What the task asks:
Go through the records and filter out every line lacking the word "origin"; copy the lines that remain.

⟨

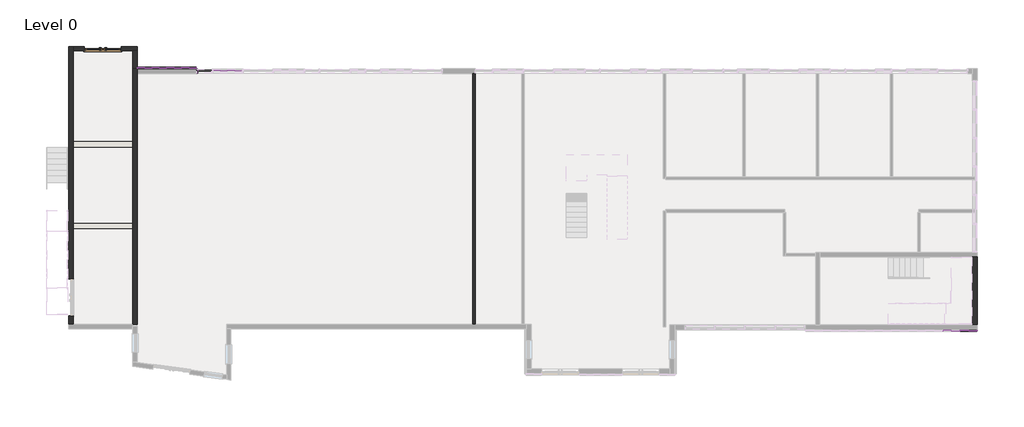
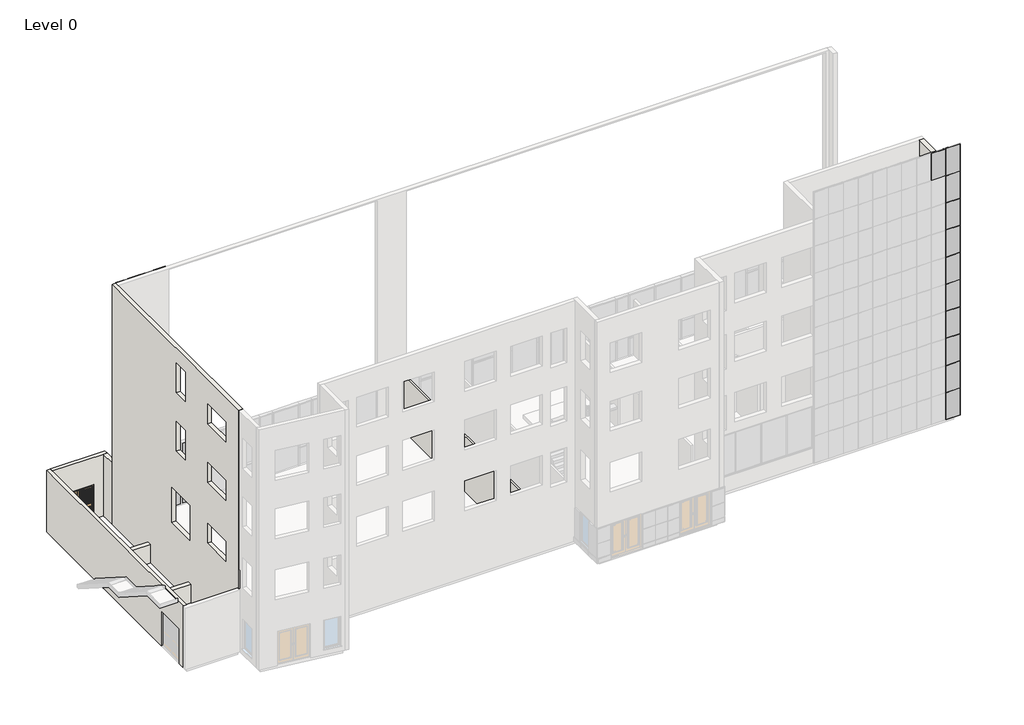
# One storey, part 5 of 10: 50 plates, 49 members, 8 walls, 1 door.
"""IFC4 building model written with IfcOpenShell, lengths in millimetres."""

from ifc_helpers import new_model, si_unit, origin, origin_with_axes, place, context, project, spatial, polyline, outline, extrude, faceted_brep, transform, mapped, element, save
from components import doors_extdbl_louvre_w_transome_1810x2110mm_eca85ab6, rectangular_mullion_25x25mm_6f655d27, rectangular_mullion_25x25mm_ababed0b, rectangular_mullion_25x25mm_a3ff25c1, rectangular_mullion_25x25mm_c524c6a9, rectangular_mullion_25x25mm_87b81b05, rectangular_mullion_25x25mm_c838776f, rectangular_mullion_25x25mm_c63ed219, rectangular_mullion_25x25mm_a7b21d2d, rectangular_mullion_25x25mm_4133c801, rectangular_mullion_25x25mm_6ee4613f, rectangular_mullion_25x25mm_0ea179df, rectangular_mullion_25x25mm_8d901635, rectangular_mullion_50x180mm_7153291d, rectangular_mullion_50x180mm_95299f7d, rectangular_mullion_50x180mm_b6846536, curtain_panels_solid_solid_panel_green_b2436ba5, curtain_panels_solid_solid_panel_green_14d680d5, curtain_panels_solid_solid_panel_green_e5ea026e, system_panel_black_panel_9c91f909, system_panel_white_panel_6a64f577, system_panel_white_panel_ff540c20

model = new_model("IFC4")

# Units and contexts
model_context = context("Model", 3, world=origin())
ifc_project = project(units=[si_unit("LENGTHUNIT", "METRE", prefix="MILLI")], contexts=[model_context])

# Site, building, storey
site = spatial("IfcSite", under=ifc_project)
building = spatial("IfcBuilding", under=site)
storey = spatial("IfcBuildingStorey", under=building, Name="Level 0", Elevation=0.0)

# Door
placement = place(None, origin())
doors_extdbl_louvre_w_transome_1810x2110mm_shape = doors_extdbl_louvre_w_transome_1810x2110mm_eca85ab6(model_context)
element("IfcDoor", 1, ObjectType="Doors_ExtDbl_Louvre_w-Transome : 1810x2110mm", at=placement, inside=storey, context=model_context, shape_type="MappedRepresentation", body=[
    mapped(doors_extdbl_louvre_w_transome_1810x2110mm_shape, transform((-3106.7140427, 10232.4946591, 0.0), x_axis=(-1.0, 0.0, 0.0), y_axis=(0.0, -1.0, 0.0), z_axis=(0.0, 0.0, 1.0))),
])

# Members
rectangular_mullion_25x25mm_shape = rectangular_mullion_25x25mm_6f655d27(model_context)
element("IfcMember", 2, ObjectType="Rectangular Mullion : 25x25mm", at=placement, inside=storey, context=model_context, shape_type="MappedRepresentation", body=[
    mapped(rectangular_mullion_25x25mm_shape, transform((39655.7942367, -3560.0053409, 0.0), x_axis=(0.0, 0.0, -1.0), y_axis=(0.0, 1.0, 0.0), z_axis=(1.0, 0.0, 0.0))),
])
rectangular_mullion_25x25mm_2_shape = rectangular_mullion_25x25mm_ababed0b(model_context)
element("IfcMember", 3, ObjectType="Rectangular Mullion : 25x25mm", at=placement, inside=storey, context=model_context, shape_type="MappedRepresentation", body=[
    mapped(rectangular_mullion_25x25mm_2_shape, transform((38816.3642365, -3560.0053409, 1660.0), x_axis=(0.0, 0.0, 1.0), y_axis=(0.0, 1.0, 0.0), z_axis=(-1.0, 0.0, 0.0))),
])
element("IfcMember", 4, ObjectType="Rectangular Mullion : 25x25mm", at=placement, inside=storey, context=model_context, shape_type="MappedRepresentation", body=[
    mapped(rectangular_mullion_25x25mm_2_shape, transform((38816.3642365, -3560.0053409, 3307.5), x_axis=(0.0, 0.0, 1.0), y_axis=(0.0, 1.0, 0.0), z_axis=(-1.0, 0.0, 0.0))),
])
element("IfcMember", 5, ObjectType="Rectangular Mullion : 25x25mm", at=placement, inside=storey, context=model_context, shape_type="MappedRepresentation", body=[
    mapped(rectangular_mullion_25x25mm_2_shape, transform((38816.3642365, -3560.0053409, 4955.0), x_axis=(0.0, 0.0, 1.0), y_axis=(0.0, 1.0, 0.0), z_axis=(-1.0, 0.0, 0.0))),
])
element("IfcMember", 6, ObjectType="Rectangular Mullion : 25x25mm", at=placement, inside=storey, context=model_context, shape_type="MappedRepresentation", body=[
    mapped(rectangular_mullion_25x25mm_2_shape, transform((38816.3642365, -3560.0053409, 6602.5), x_axis=(0.0, 0.0, 1.0), y_axis=(0.0, 1.0, 0.0), z_axis=(-1.0, 0.0, 0.0))),
])
element("IfcMember", 7, ObjectType="Rectangular Mullion : 25x25mm", at=placement, inside=storey, context=model_context, shape_type="MappedRepresentation", body=[
    mapped(rectangular_mullion_25x25mm_2_shape, transform((38816.3642365, -3560.0053409, 8250.0), x_axis=(0.0, 0.0, 1.0), y_axis=(0.0, 1.0, 0.0), z_axis=(-1.0, 0.0, 0.0))),
])
element("IfcMember", 8, ObjectType="Rectangular Mullion : 25x25mm", at=placement, inside=storey, context=model_context, shape_type="MappedRepresentation", body=[
    mapped(rectangular_mullion_25x25mm_2_shape, transform((38816.3642365, -3560.0053409, 9897.5), x_axis=(0.0, 0.0, 1.0), y_axis=(0.0, 1.0, 0.0), z_axis=(-1.0, 0.0, 0.0))),
])
element("IfcMember", 9, ObjectType="Rectangular Mullion : 25x25mm", at=placement, inside=storey, context=model_context, shape_type="MappedRepresentation", body=[
    mapped(rectangular_mullion_25x25mm_2_shape, transform((38816.3642365, -3560.0053409, 11545.0), x_axis=(0.0, 0.0, 1.0), y_axis=(0.0, 1.0, 0.0), z_axis=(-1.0, 0.0, 0.0))),
])
element("IfcMember", 10, ObjectType="Rectangular Mullion : 25x25mm", at=placement, inside=storey, context=model_context, shape_type="MappedRepresentation", body=[
    mapped(rectangular_mullion_25x25mm_2_shape, transform((38816.3642365, -3560.0053409, 13192.5), x_axis=(0.0, 0.0, 1.0), y_axis=(0.0, 1.0, 0.0), z_axis=(-1.0, 0.0, 0.0))),
])
element("IfcMember", 11, ObjectType="Rectangular Mullion : 25x25mm", at=placement, inside=storey, context=model_context, shape_type="MappedRepresentation", body=[
    mapped(rectangular_mullion_25x25mm_2_shape, transform((38816.3642365, -3560.0053409, 14840.0), x_axis=(0.0, 0.0, 1.0), y_axis=(0.0, 1.0, 0.0), z_axis=(-1.0, 0.0, 0.0))),
])
rectangular_mullion_25x25mm_3_shape = rectangular_mullion_25x25mm_a3ff25c1(model_context)
element("IfcMember", 12, ObjectType="Rectangular Mullion : 25x25mm", at=placement, inside=storey, context=model_context, shape_type="MappedRepresentation", body=[
    mapped(rectangular_mullion_25x25mm_3_shape, transform((740.7900968, 9282.4946591, 11348.6111111), x_axis=(-1.0, 0.0, 0.0), y_axis=(0.0, 1.0, 0.0), z_axis=(0.0, 0.0, -1.0))),
])
element("IfcMember", 13, ObjectType="Rectangular Mullion : 25x25mm", at=placement, inside=storey, context=model_context, shape_type="MappedRepresentation", body=[
    mapped(rectangular_mullion_25x25mm_3_shape, transform((13.2859573, 9282.4946591, 11348.6111111), x_axis=(-1.0, 0.0, 0.0), y_axis=(0.0, 1.0, 0.0), z_axis=(0.0, 0.0, -1.0))),
])
element("IfcMember", 14, ObjectType="Rectangular Mullion : 25x25mm", at=placement, inside=storey, context=model_context, shape_type="MappedRepresentation", body=[
    mapped(rectangular_mullion_25x25mm_3_shape, transform((-714.2181823, 9282.4946591, 11348.6111111), x_axis=(-1.0, 0.0, 0.0), y_axis=(0.0, 1.0, 0.0), z_axis=(0.0, 0.0, -1.0))),
])
rectangular_mullion_25x25mm_4_shape = rectangular_mullion_25x25mm_c524c6a9(model_context)
element("IfcMember", 15, ObjectType="Rectangular Mullion : 25x25mm", at=placement, inside=storey, context=model_context, shape_type="MappedRepresentation", body=[
    mapped(rectangular_mullion_25x25mm_4_shape, transform((740.7900968, 9282.4946591, 12968.0555556), x_axis=(-1.0, 0.0, 0.0), y_axis=(0.0, 1.0, 0.0), z_axis=(0.0, 0.0, -1.0))),
])
element("IfcMember", 16, ObjectType="Rectangular Mullion : 25x25mm", at=placement, inside=storey, context=model_context, shape_type="MappedRepresentation", body=[
    mapped(rectangular_mullion_25x25mm_4_shape, transform((13.2859573, 9282.4946591, 12968.0555556), x_axis=(-1.0, 0.0, 0.0), y_axis=(0.0, 1.0, 0.0), z_axis=(0.0, 0.0, -1.0))),
])
element("IfcMember", 17, ObjectType="Rectangular Mullion : 25x25mm", at=placement, inside=storey, context=model_context, shape_type="MappedRepresentation", body=[
    mapped(rectangular_mullion_25x25mm_4_shape, transform((-714.2181823, 9282.4946591, 12968.0555556), x_axis=(-1.0, 0.0, 0.0), y_axis=(0.0, 1.0, 0.0), z_axis=(0.0, 0.0, -1.0))),
])
rectangular_mullion_25x25mm_5_shape = rectangular_mullion_25x25mm_87b81b05(model_context)
element("IfcMember", 18, ObjectType="Rectangular Mullion : 25x25mm", at=placement, inside=storey, context=model_context, shape_type="MappedRepresentation", body=[
    mapped(rectangular_mullion_25x25mm_5_shape, transform((753.2900968, 9282.4946591, 11348.6111111), x_axis=(0.0, 0.0, 1.0), y_axis=(0.0, 1.0, 0.0), z_axis=(-1.0, 0.0, 0.0))),
])
element("IfcMember", 19, ObjectType="Rectangular Mullion : 25x25mm", at=placement, inside=storey, context=model_context, shape_type="MappedRepresentation", body=[
    mapped(rectangular_mullion_25x25mm_5_shape, transform((25.7859573, 9282.4946591, 11348.6111111), x_axis=(0.0, 0.0, 1.0), y_axis=(0.0, 1.0, 0.0), z_axis=(-1.0, 0.0, 0.0))),
])
element("IfcMember", 20, ObjectType="Rectangular Mullion : 25x25mm", at=placement, inside=storey, context=model_context, shape_type="MappedRepresentation", body=[
    mapped(rectangular_mullion_25x25mm_5_shape, transform((-701.7181823, 9282.4946591, 11348.6111111), x_axis=(0.0, 0.0, 1.0), y_axis=(0.0, 1.0, 0.0), z_axis=(-1.0, 0.0, 0.0))),
])
element("IfcMember", 21, ObjectType="Rectangular Mullion : 25x25mm", at=placement, inside=storey, context=model_context, shape_type="MappedRepresentation", body=[
    mapped(rectangular_mullion_25x25mm_5_shape, transform((753.2900968, 9282.4946591, 12968.0555556), x_axis=(0.0, 0.0, 1.0), y_axis=(0.0, 1.0, 0.0), z_axis=(-1.0, 0.0, 0.0))),
])
element("IfcMember", 22, ObjectType="Rectangular Mullion : 25x25mm", at=placement, inside=storey, context=model_context, shape_type="MappedRepresentation", body=[
    mapped(rectangular_mullion_25x25mm_5_shape, transform((25.7859573, 9282.4946591, 12968.0555556), x_axis=(0.0, 0.0, 1.0), y_axis=(0.0, 1.0, 0.0), z_axis=(-1.0, 0.0, 0.0))),
])
element("IfcMember", 23, ObjectType="Rectangular Mullion : 25x25mm", at=placement, inside=storey, context=model_context, shape_type="MappedRepresentation", body=[
    mapped(rectangular_mullion_25x25mm_5_shape, transform((-701.7181823, 9282.4946591, 12968.0555556), x_axis=(0.0, 0.0, 1.0), y_axis=(0.0, 1.0, 0.0), z_axis=(-1.0, 0.0, 0.0))),
])
rectangular_mullion_25x25mm_6_shape = rectangular_mullion_25x25mm_c838776f(model_context)
element("IfcMember", 24, ObjectType="Rectangular Mullion : 25x25mm", at=placement, inside=storey, context=model_context, shape_type="MappedRepresentation", body=[
    mapped(rectangular_mullion_25x25mm_6_shape, transform((-1404.2223222, 9282.4946591, 11348.6111111), x_axis=(0.0, 0.0, 1.0), y_axis=(0.0, 1.0, 0.0), z_axis=(-1.0, 0.0, 0.0))),
])
element("IfcMember", 25, ObjectType="Rectangular Mullion : 25x25mm", at=placement, inside=storey, context=model_context, shape_type="MappedRepresentation", body=[
    mapped(rectangular_mullion_25x25mm_6_shape, transform((-1404.2223222, 9282.4946591, 12968.0555556), x_axis=(0.0, 0.0, 1.0), y_axis=(0.0, 1.0, 0.0), z_axis=(-1.0, 0.0, 0.0))),
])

⟩

Problem solution:
from ifc_helpers import new_model, si_unit, origin, origin_with_axes, place, context, project, spatial, polyline, outline, extrude, faceted_brep, transform, mapped, element, save
model_context = context("Model", 3, world=origin())
placement = place(None, origin())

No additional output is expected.